A line below contains "aligned and locked: level to Extrusion 1", and a later one contains "aligned and locked: plane 7". Repeat both, with every line between them, exactly.

_PROVIDED INFORMATION:_
┌──

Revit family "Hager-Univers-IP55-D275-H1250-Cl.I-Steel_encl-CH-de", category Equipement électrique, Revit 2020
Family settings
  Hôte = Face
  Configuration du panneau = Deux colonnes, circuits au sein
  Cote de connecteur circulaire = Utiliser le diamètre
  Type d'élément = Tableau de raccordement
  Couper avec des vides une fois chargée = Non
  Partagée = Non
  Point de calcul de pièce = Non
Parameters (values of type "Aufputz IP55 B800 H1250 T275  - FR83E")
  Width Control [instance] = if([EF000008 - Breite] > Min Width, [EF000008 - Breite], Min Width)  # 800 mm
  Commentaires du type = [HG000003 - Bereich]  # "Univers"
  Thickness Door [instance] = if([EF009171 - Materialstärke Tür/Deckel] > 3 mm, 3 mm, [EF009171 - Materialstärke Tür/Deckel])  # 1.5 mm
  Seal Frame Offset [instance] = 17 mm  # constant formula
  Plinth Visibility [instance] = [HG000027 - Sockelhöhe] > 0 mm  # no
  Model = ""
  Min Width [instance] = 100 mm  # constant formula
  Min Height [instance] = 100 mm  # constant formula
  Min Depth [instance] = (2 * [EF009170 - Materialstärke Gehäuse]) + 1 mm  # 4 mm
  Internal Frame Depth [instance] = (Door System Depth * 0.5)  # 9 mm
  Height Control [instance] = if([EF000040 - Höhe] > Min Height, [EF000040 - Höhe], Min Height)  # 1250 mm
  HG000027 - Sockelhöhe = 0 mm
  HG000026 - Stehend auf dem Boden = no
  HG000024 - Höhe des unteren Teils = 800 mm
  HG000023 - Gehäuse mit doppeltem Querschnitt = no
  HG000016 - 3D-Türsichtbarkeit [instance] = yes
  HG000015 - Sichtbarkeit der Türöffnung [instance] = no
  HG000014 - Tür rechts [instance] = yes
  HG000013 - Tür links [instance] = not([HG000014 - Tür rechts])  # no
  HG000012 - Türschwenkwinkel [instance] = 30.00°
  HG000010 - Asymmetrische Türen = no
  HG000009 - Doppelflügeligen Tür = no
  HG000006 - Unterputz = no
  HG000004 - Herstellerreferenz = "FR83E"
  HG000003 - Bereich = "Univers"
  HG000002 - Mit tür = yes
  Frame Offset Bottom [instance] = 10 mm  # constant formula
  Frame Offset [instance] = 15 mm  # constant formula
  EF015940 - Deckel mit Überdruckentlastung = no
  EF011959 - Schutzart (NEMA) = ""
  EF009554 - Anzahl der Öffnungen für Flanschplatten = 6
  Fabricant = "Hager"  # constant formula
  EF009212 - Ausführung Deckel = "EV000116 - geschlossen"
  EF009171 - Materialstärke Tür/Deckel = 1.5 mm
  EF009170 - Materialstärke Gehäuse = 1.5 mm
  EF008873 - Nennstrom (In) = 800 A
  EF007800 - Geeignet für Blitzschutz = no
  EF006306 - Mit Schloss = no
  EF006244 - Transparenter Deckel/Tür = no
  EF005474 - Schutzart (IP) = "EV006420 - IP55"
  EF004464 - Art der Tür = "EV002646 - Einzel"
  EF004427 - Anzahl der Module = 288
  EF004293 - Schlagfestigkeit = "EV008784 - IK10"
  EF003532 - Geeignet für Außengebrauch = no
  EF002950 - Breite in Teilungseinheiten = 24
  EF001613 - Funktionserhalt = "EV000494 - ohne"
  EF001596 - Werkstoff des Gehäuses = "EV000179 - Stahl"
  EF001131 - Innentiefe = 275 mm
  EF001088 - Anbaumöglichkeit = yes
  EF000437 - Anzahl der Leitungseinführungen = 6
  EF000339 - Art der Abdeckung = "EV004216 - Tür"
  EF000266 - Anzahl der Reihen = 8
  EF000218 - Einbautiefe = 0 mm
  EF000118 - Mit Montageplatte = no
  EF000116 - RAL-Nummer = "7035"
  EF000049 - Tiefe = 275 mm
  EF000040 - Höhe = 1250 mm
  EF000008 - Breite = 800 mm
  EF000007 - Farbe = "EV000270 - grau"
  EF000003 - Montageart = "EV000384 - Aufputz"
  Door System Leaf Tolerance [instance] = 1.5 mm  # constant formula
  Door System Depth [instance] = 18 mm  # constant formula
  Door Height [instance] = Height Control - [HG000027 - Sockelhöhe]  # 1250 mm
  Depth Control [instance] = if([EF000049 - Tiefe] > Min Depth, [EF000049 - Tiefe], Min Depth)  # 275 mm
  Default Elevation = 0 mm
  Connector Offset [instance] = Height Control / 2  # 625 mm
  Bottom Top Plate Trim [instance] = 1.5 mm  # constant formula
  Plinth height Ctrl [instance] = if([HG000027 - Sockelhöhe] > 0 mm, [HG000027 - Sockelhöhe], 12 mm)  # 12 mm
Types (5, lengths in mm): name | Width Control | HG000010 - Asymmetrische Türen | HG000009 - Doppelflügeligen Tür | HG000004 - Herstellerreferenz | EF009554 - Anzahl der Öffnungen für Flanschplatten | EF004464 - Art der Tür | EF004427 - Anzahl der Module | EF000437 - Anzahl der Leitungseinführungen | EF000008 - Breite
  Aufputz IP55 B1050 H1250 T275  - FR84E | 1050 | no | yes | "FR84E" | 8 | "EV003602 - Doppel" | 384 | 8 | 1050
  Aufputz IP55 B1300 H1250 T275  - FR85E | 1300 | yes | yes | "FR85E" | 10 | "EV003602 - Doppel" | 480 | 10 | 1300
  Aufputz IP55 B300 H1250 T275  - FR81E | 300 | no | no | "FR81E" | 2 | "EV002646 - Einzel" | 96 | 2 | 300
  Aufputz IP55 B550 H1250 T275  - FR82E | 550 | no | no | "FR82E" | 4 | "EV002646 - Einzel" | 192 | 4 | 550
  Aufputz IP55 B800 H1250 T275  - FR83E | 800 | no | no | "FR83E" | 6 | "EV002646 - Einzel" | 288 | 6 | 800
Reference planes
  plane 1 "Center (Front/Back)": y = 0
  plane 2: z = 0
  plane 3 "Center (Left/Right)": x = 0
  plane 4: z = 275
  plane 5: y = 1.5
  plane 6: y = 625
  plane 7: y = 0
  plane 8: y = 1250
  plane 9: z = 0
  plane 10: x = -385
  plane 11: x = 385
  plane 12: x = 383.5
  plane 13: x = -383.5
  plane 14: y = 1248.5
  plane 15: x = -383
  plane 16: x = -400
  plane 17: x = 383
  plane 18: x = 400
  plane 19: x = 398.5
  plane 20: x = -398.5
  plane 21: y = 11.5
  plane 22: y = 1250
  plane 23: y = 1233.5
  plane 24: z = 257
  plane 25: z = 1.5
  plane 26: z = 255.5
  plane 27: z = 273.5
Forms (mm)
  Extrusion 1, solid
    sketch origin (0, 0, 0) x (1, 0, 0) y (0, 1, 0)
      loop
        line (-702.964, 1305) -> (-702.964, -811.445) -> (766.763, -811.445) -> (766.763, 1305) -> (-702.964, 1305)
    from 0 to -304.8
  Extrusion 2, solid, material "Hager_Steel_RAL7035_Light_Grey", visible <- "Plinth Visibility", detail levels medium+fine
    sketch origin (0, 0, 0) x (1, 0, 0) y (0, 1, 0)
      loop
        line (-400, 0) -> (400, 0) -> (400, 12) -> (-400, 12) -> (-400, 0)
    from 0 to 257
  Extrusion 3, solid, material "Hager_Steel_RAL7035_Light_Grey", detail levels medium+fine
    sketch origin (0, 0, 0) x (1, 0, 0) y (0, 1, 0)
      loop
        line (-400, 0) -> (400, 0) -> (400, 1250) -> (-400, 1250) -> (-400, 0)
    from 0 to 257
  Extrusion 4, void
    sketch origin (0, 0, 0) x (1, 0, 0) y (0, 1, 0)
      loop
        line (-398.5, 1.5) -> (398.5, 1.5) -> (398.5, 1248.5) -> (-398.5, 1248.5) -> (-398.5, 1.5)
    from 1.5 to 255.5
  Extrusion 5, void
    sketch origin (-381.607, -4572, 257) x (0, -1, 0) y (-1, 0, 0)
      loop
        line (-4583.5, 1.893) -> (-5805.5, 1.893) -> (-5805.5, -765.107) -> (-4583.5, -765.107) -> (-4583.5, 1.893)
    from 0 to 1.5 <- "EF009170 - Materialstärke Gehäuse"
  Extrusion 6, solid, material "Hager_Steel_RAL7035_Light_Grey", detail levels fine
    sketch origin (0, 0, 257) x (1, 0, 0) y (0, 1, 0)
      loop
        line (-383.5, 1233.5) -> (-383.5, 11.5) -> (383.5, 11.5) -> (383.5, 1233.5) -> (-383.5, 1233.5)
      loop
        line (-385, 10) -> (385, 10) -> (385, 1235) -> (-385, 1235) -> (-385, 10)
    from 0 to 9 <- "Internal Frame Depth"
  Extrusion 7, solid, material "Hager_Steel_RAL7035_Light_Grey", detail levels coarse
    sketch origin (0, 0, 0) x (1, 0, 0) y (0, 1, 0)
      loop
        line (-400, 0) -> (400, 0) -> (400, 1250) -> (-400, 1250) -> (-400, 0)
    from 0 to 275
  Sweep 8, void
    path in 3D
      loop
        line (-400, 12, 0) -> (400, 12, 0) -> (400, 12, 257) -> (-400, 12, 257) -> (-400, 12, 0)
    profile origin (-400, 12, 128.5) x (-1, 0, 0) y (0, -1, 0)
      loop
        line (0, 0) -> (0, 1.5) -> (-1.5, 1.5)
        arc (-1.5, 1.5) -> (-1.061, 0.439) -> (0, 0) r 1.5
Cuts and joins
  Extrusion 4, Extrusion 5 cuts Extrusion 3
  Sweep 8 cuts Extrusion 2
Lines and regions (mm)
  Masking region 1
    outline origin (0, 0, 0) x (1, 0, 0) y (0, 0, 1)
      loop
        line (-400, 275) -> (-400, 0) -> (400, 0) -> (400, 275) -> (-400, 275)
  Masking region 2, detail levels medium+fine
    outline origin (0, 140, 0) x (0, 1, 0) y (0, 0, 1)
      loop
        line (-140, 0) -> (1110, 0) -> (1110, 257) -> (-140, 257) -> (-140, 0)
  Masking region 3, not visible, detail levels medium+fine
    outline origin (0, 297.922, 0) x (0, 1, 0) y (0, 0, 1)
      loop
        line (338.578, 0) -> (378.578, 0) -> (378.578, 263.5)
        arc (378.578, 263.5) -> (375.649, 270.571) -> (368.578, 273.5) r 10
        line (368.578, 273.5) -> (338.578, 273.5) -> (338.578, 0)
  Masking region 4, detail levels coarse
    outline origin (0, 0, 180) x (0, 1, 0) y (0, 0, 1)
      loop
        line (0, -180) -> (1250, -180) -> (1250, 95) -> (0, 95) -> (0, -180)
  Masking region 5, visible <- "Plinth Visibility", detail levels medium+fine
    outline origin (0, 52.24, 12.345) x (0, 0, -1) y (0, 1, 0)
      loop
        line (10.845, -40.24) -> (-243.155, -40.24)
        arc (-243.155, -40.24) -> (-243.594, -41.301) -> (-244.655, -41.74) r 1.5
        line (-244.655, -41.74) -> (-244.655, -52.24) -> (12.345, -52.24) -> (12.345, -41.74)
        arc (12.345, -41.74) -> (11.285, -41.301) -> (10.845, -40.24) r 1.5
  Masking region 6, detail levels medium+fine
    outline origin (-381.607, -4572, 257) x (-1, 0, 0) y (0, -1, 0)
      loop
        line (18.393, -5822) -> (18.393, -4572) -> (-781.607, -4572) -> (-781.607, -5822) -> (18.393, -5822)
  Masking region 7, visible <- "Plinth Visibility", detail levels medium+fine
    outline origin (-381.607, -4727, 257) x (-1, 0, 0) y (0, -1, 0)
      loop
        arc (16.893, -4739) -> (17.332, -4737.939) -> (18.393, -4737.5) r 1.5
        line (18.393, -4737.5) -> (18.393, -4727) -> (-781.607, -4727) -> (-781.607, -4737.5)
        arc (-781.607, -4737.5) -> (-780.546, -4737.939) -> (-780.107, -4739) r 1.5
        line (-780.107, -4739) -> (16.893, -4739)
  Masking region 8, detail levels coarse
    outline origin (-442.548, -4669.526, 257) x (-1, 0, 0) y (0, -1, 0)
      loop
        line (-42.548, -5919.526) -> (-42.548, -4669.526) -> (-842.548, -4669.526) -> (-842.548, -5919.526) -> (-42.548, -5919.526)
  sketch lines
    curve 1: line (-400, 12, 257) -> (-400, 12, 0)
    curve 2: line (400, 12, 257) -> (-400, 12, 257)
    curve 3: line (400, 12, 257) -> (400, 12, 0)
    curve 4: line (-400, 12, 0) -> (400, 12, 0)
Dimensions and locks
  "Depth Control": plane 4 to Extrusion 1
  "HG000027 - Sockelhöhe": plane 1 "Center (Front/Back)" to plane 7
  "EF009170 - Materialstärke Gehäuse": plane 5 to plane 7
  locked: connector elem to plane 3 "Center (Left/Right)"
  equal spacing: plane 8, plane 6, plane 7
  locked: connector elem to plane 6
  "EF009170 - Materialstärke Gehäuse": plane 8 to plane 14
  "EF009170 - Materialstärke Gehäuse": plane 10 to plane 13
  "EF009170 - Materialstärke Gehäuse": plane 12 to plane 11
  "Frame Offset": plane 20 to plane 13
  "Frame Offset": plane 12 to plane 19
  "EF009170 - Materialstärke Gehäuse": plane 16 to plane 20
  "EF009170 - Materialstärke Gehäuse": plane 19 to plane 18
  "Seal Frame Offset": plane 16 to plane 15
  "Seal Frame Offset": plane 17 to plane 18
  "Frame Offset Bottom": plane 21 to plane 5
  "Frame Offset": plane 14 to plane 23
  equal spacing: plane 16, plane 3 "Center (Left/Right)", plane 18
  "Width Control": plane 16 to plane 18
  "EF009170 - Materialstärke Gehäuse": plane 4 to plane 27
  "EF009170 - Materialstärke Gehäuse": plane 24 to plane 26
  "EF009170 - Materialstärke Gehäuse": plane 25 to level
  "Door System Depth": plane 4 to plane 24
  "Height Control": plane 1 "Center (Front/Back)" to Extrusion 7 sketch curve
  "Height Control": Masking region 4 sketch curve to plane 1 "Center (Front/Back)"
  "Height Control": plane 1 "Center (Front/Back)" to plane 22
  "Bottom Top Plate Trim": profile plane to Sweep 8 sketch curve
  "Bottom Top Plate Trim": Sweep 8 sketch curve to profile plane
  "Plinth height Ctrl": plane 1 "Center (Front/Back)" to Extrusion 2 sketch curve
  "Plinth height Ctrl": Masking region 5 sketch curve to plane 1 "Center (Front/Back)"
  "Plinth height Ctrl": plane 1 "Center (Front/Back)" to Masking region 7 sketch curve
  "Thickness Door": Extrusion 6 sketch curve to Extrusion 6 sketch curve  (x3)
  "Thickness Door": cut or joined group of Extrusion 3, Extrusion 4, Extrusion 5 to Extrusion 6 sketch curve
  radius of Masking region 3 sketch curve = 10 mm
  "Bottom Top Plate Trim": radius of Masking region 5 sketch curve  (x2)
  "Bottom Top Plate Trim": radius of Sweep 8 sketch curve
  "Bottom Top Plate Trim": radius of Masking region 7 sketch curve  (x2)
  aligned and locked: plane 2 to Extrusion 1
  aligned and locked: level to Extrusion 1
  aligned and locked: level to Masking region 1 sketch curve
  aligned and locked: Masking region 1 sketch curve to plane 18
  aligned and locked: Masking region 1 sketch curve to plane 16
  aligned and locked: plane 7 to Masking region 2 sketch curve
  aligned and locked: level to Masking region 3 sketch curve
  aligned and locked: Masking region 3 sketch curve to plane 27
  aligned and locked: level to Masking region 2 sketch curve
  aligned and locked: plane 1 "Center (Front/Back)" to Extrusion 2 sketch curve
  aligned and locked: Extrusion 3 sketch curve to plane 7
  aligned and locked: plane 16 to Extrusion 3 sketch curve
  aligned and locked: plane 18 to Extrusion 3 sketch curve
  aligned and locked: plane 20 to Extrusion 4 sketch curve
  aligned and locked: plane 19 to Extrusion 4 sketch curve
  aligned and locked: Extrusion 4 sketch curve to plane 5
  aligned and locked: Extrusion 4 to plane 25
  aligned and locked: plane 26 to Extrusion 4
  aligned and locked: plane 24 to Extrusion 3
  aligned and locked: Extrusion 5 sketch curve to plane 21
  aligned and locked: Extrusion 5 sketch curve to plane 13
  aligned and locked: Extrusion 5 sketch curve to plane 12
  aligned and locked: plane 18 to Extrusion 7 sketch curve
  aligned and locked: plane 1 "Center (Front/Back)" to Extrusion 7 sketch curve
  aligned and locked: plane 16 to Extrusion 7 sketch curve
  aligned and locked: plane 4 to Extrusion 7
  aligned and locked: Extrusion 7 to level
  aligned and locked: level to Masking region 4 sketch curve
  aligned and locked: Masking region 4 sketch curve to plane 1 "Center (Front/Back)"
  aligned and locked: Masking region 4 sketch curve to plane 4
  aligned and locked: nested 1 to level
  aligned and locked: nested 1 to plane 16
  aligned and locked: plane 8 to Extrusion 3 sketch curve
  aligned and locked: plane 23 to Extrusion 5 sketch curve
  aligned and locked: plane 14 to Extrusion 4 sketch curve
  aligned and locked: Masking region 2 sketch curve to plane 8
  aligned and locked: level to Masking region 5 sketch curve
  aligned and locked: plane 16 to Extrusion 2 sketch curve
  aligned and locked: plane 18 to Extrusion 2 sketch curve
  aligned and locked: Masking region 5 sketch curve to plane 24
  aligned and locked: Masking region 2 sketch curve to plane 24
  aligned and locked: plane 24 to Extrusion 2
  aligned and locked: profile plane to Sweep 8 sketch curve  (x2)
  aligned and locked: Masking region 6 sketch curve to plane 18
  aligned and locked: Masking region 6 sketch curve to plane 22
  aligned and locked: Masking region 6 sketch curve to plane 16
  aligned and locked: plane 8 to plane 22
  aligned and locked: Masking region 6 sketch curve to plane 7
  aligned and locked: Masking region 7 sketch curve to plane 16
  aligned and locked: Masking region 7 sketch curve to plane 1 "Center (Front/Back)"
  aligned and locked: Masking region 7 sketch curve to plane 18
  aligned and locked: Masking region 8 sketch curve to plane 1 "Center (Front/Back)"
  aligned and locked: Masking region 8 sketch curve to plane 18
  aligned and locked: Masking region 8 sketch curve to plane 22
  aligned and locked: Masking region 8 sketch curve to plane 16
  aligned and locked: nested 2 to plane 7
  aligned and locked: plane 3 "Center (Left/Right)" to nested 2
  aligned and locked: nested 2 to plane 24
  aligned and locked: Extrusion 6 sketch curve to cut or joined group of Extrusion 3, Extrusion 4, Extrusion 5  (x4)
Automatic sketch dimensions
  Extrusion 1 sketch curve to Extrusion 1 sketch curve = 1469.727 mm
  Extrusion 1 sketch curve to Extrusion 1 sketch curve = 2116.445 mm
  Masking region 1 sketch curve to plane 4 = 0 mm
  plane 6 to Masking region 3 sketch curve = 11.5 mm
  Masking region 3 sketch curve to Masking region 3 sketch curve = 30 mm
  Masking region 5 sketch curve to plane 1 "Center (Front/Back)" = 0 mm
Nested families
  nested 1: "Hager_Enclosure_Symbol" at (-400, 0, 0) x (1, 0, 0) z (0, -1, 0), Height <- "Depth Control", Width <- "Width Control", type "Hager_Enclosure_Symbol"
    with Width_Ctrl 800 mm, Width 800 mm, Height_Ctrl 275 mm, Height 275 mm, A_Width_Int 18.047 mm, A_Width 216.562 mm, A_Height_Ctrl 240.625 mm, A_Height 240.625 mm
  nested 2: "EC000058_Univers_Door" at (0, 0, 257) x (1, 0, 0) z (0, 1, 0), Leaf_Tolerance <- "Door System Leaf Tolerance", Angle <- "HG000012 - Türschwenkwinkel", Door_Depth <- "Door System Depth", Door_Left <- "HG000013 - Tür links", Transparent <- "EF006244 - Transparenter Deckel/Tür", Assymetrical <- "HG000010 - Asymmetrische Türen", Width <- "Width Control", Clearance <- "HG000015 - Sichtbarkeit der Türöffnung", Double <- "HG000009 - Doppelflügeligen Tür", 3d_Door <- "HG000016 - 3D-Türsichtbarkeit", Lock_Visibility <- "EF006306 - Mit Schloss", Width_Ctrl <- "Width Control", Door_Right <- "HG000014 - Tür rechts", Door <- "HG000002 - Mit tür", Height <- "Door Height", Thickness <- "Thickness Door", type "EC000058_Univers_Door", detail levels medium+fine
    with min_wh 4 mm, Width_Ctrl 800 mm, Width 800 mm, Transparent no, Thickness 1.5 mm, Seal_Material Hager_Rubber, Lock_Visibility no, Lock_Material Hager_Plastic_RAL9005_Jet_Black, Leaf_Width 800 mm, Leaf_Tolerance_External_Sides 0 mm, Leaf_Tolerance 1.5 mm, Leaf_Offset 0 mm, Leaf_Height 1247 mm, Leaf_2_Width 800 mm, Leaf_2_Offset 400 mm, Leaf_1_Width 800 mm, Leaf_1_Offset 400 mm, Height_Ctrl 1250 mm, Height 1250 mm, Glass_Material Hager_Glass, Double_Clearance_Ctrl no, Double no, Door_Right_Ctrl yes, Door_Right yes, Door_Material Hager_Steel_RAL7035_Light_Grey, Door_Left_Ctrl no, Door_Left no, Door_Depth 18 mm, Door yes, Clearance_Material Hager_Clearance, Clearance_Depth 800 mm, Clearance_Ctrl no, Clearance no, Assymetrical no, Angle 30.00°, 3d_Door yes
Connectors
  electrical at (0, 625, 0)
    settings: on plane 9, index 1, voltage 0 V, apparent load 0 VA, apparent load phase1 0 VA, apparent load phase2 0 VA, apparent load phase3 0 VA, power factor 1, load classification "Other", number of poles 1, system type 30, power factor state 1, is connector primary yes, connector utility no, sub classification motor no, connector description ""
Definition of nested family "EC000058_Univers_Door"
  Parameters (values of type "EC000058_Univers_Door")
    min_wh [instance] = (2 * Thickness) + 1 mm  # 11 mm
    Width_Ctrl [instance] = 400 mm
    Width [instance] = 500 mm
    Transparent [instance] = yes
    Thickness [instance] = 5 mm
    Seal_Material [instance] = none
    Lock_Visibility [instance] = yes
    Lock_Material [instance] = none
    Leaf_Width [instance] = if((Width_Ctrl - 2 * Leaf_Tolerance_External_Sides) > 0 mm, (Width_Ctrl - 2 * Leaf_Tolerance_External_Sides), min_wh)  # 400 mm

└──

_SOLUTION:_
  aligned and locked: level to Extrusion 1
  aligned and locked: level to Masking region 1 sketch curve
  aligned and locked: Masking region 1 sketch curve to plane 18
  aligned and locked: Masking region 1 sketch curve to plane 16
  aligned and locked: plane 7 to Masking region 2 sketch curve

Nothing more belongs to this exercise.